Friday, September 14, 2001

WTO Group Agrees on Chinese Membership

Reuters reports:

World Trade Organization (WTO) officials said on Friday they had agreed terms for China's entry to the body -- clearing the way for Beijing to come in by the end of the year.

Agreement was sealed at a meeting of the WTO's special working party, which has been negotiating with China for the last 15 years.

"It has been done. The big breakthrough has been achieved," said spokesman Keith Rockwell.

The accord will be rubber-stamped by a formal meeting of the working party on Monday. It will then go through the formality of confirmation by the WTO's ruling General Council, essentially the same negotiators who form the working party, or by ministers of all 142 member countries set to meet in Qatar in November.

China's entry will bring the world's fifth largest trading power -- after the United States, the European Union, Japan and Canada -- into the WTO, and, analysts say, change the balance of forces in the body forever.

"It is only the end of the beginning. It is a long process for China to implement and enforce the agreement and to a good WTO member," chief Chinese negotiator Long Yongtu told reporters after the meeting.

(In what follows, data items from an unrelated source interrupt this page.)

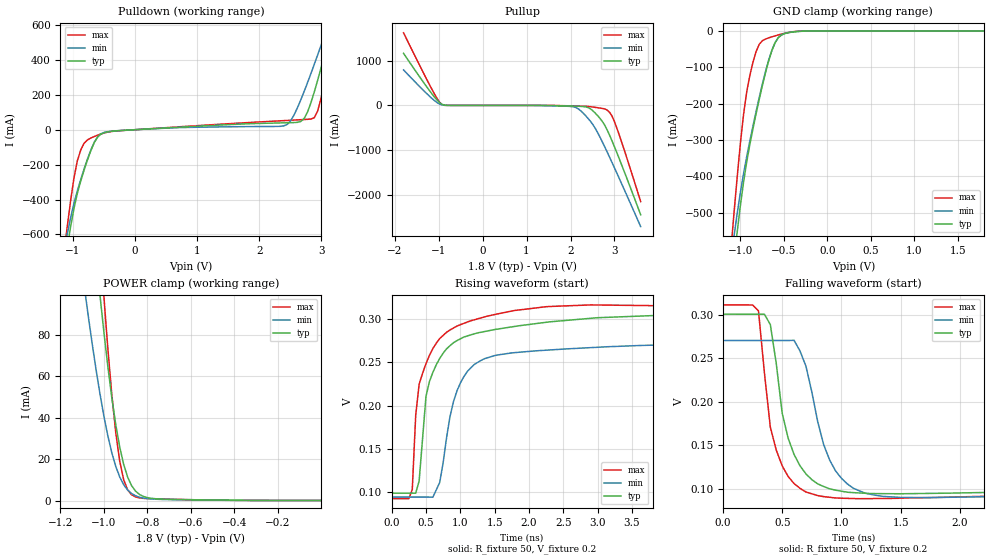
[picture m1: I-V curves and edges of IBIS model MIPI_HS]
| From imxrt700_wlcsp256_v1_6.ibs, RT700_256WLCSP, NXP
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[Model] MIPI_HS
Model_type   Output
Polarity   Non-Inverting
Enable   Active-High
Vmeas =   0.2
|Cref =   0
Rref =   50
|   typ   min   max
C_comp  6.36p   6.29p   6.40p
[Temperature Range]   85   125   -40
[Voltage Range]   1.8  1.52  1.98
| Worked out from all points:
|   slope of the pulldown table from 0 to 0.27 V, typ, clamps not added: 49.3 ohm
|   slope of the pullup table from 0 to 0.27 V, typ, clamps not added: 20.7 kohm
|   GND clamp passes 1 mA (typ) near -0.32 V on its own axis
|   POWER clamp passes 1 mA (typ) near -0.78 V on its own axis
|   falling waveform, R_fixture 50, V_fixture 0.2: 20-80 % time 169ps typ, 204ps min, 147ps max; typ from 0.301 V to 0.099 V
|   rising waveform, R_fixture 50, V_fixture 0.2: 20-80 % time 322ps typ, 328ps min, 296ps max; typ from 0.099 V to 0.301 V
[GND_clamp]
|Voltage   I (typ)   I (min)   I (max)
-1.8V     -2.465A    -2.105A    -2.739A
-1.109V   -713.7mA   -632.1mA   -604.8mA
-1.073V   -631.9mA   -565.4mA   -502mA
-1.036V   -554.2mA   -502.9mA   -403.4mA
-963.7mV  -417.6mA   -394mA     -231.6mA
-927.4mV  -361.8mA   -347.2mA   -169.1mA
-818.3mV  -227.5mA   -221.2mA   -56.37mA
-745.6mV  -149.4mA   -145.3mA   -26.52mA
-672.8mV  -81.15mA   -79.28mA   -18.73mA
-600.1mV  -32.11mA   -32.03mA   -13.25mA
-454.7mV  -4.969mA   -4.378mA   -4.395mA
1.8V      27.05uA    49.33uA    10.62uA
[Power_clamp]
|Volatge   I (typ)   I (min)   I (max)
-1.8V     1.169A     796.8mA    1.63A
-1.091V   181.3mA    104mA      247.2mA
-1.073V   159.7mA    89.82mA    215.5mA
-1.018V   99.42mA    51.6mA     125.7mA
-1V       81.35mA    40.79mA    98.51mA
-963.7mV  49.68mA    23.11mA    51.21mA
-945.5mV  36.65mA    16.49mA    32.78mA
-927.4mV  25.88mA    11.38mA    18.99mA
-891mV    11.36mA    5.082mA    5.159mA
-854.6mV  4.549mA    2.295mA    1.73mA
-745.6mV  748uA      559uA      757.1uA
-180uV    27.07uA    17.18uA    17.66uA
[Pulldown]
|Volatge   I (typ)   I (min)   I (max)
-1.8V     -2.466A    -2.106A    -2.74A
-1.091V   -675mA     -600.5mA   -557.9mA
-982.5mV  -451.6mA   -421.6mA   -276.6mA
-873.5mV  -294.1mA   -285.3mA   -116.5mA
-601mV    -41.86mA   -40.1mA    -31.35mA
2.397V    39.37mA    21.8mA     52.01mA
2.724V    63.99mA    218.7mA    58.42mA
2.887V    216.1mA    374.4mA    68.85mA
2.996V    354.3mA    482.7mA    180mA
3.105V    501.9mA    593mA      366.4mA
3.214V    654.1mA    704.6mA    570.8mA
3.595V    1.204A     1.102A     1.324A
[Pullup]
|Volatge   I (typ)   I (min)   I (max)
-1.8V     1.169A     797mA      1.63A
-1.146V   249.9mA    150.1mA    346.8mA
-928mV    26.48mA    11.7mA     19.82mA
1.797V    -8.515mA   -13.96mA   -5.212mA
2.179V    -18.78mA   -77.85mA   -14.35mA
2.397V    -46.78mA   -289.8mA   -22.77mA
2.56V     -170.4mA   -510.8mA   -43.36mA
2.778V    -444.6mA   -930.3mA   -77.8mA
2.887V    -665.5mA   -1.16A     -153.3mA
2.942V    -790.7mA   -1.276A    -234.8mA
3.159V    -1.327A    -1.751A    -813.6mA
3.595V    -2.454A    -2.72A     -2.158A
[Ramp]
|variable typ   min   max
dV/dt_r   120m/343p   106m/335p   132m/315p
dV/dt_f   123m/175p   109m/213p   132m/144p
R_load  = 50
[Falling waveform]
R_fixture = 50
V_fixture = 0.2
|time   V (typ)   V (min)   V (max)
0s        300.6mV    270.4mV    311.2mV
300ps     300.6mV    270.4mV    304.5mV
400ps     288.7mV    270.4mV    170.9mV
500ps     187mV      270.4mV    126.6mV
600ps     139.7mV    270.6mV    106.2mV
700ps     117.4mV    241.1mV    96.56mV
850ps     102.8mV    150.8mV    91.22mV
950ps     98.64mV    120.8mV    89.7mV
1.55ns    94.58mV    90.17mV    89.53mV
20ns      99.08mV    94.59mV    92.75mV
[Rising waveform]
R_fixture = 50
V_fixture = 0.2
|time   V (typ)   V (min)   V (max)
0s        99.1mV     94.59mV    92.73mV
300ps     99.1mV     94.58mV    103.3mV
350ps     99.1mV     94.58mV    188.7mV
400ps     113.1mV    94.58mV    224.8mV
500ps     210.8mV    94.58mV    248.3mV
650ps     247.1mV    103.1mV    271.9mV
900ps     272.4mV    204.4mV    289.4mV
1.05ns    278.9mV    233.2mV    294.7mV
1.8ns     291.4mV    261.1mV    309.7mV
20ns      300.5mV    270.4mV    311.3mV

As a developing country, Beijing would be expected to add huge weight to the position of the poorer nations -- who already make up well over two thirds of the membership but complain that the current big four dictate the agenda to their own advantage.

"It was long and painful but in the end we have an agreement that will ensure the integration of China into the world trading system," said the European Union's chief negotiator, Karl Falkenberg.

For the big four, known in trade parlance as "The Quad," the lure of a market of one billion people -- one sixth of the world's population -- for goods and services outweighed concerns over the stance China might take in the trade body.

Western leaders also argue that bringing China into the WTO and opening up its economy to the outside world will also bring domestic political liberalization and make the long feared "Communist Dragon" a more predictable partner.

"All countries -- China and its partners -- would benefit. This should become a win-win game," said Falkenberg.

But many developing economies fear that Chinese goods will capture markets for items like clothing, textiles and footwear as well as for agricultural produce that they had hoped to win themselves in the richer countries of the North.

On Thursday, Mexico completed a side agreement with China allowing it to maintain restrictions on many Chinese consumer goods for six years in order to give its industries time to adjust.


Right up to the last, however, the deal had also been threatened by a dispute between the EU and the United States over terms for foreign insurance companies opening new offices in China once it has come under the umbrella of WTO rules.

The two powers, with China in the middle, had been at odds over insistence by the United States that the huge American International Group Inc (AIG) conglomerate would be able to hold 100 per cent ownership of any new Chinese operations.

The EU argued that this would mean the AIG getting better terms than insurers from its 15 member states -- which would be bound by Chinese rules giving newcomers onto its market the right to only 50 percent ownership.

Such an outcome, Brussels said, would violate the WTO's basic principle of most-favored-nation, or no discrimination between trading partners who are members of the trade body.

There were no immediate details on how the differences had been resolved.

"The last page in this process reflected close cooperation between the United States and the European Union," said Washington's top negotiator Jeffrey Bader.